Every line of the material below that contains the string "class" must appear in the answer.

=== Begin Enclosure ===

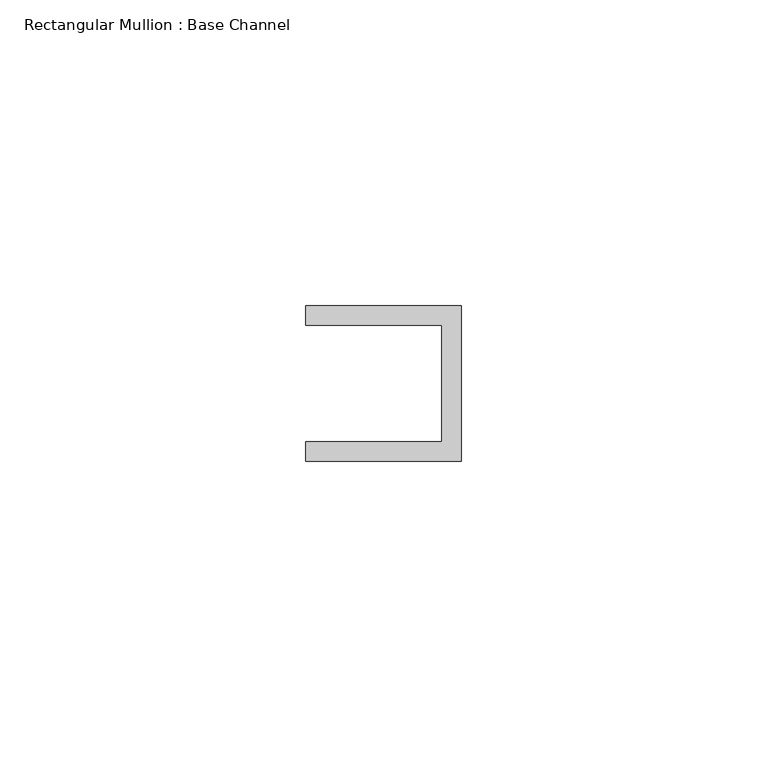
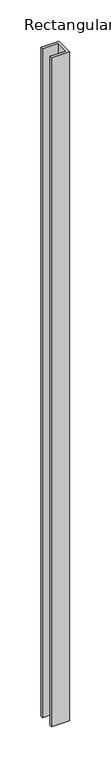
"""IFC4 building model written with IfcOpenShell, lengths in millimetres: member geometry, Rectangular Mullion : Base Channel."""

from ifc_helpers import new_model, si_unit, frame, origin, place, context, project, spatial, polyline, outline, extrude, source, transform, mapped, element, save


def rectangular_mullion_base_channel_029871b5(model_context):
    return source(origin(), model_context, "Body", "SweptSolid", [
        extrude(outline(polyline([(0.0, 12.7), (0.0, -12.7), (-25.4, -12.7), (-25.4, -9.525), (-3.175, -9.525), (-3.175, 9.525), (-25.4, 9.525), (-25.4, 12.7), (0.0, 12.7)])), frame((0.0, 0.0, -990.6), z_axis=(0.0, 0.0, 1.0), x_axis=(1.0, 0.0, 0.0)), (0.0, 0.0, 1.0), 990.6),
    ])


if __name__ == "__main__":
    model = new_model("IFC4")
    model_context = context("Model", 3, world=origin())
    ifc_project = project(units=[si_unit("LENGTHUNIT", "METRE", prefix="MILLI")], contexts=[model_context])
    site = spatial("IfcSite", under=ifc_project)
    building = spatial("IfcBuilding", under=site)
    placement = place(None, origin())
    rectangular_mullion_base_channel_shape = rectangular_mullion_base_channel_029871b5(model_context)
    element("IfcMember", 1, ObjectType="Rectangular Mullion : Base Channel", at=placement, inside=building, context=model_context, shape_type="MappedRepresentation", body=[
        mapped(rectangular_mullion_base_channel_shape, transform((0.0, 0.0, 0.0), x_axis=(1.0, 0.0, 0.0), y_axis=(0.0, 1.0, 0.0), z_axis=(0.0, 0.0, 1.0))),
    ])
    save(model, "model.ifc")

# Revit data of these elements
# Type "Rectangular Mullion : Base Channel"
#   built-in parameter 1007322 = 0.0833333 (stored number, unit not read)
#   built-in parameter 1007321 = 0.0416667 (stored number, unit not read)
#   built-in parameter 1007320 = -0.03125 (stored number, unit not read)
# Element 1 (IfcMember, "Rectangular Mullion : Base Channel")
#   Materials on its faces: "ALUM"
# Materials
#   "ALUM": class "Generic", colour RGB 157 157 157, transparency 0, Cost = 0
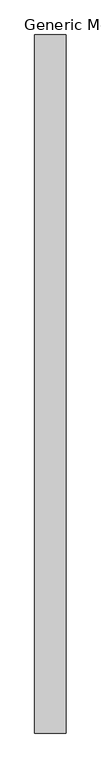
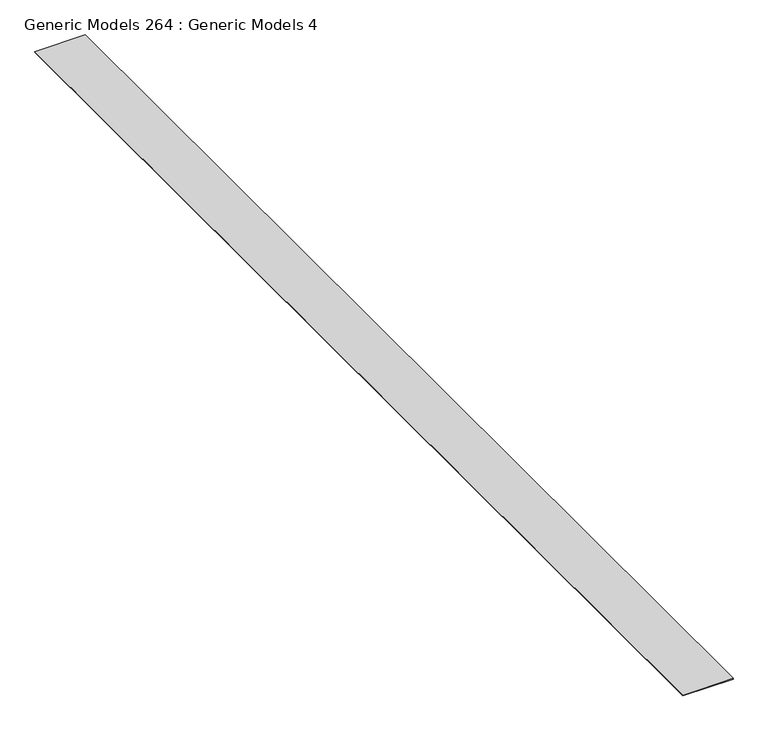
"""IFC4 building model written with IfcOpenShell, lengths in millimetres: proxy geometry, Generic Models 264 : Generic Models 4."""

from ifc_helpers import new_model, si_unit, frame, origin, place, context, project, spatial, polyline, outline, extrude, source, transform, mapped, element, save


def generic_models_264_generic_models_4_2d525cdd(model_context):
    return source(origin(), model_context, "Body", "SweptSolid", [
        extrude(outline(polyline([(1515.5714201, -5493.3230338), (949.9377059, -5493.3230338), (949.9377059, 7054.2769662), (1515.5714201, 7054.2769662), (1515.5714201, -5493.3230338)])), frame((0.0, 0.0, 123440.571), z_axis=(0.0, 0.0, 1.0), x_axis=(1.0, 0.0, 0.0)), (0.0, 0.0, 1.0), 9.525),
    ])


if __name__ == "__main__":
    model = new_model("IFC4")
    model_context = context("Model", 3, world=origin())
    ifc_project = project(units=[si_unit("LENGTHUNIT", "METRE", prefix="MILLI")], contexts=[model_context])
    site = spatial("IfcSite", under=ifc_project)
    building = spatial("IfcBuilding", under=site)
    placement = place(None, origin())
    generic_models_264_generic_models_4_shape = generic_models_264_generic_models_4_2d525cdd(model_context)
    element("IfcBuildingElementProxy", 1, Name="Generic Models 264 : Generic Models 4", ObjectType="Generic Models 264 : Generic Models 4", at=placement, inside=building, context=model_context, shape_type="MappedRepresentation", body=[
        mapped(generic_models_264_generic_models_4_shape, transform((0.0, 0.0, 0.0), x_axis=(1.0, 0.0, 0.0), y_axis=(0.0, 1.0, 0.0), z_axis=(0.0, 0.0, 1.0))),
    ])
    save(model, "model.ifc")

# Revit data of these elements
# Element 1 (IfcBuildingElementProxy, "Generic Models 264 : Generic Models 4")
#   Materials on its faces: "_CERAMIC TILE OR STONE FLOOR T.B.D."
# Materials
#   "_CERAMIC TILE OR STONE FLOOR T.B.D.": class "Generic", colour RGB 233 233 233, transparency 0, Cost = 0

=== End Enclosure ===

> [Answer box]:
#   "ALUM": class "Generic", colour RGB 157 157 157, transparency 0, Cost = 0
#   "_CERAMIC TILE OR STONE FLOOR T.B.D.": class "Generic", colour RGB 233 233 233, transparency 0, Cost = 0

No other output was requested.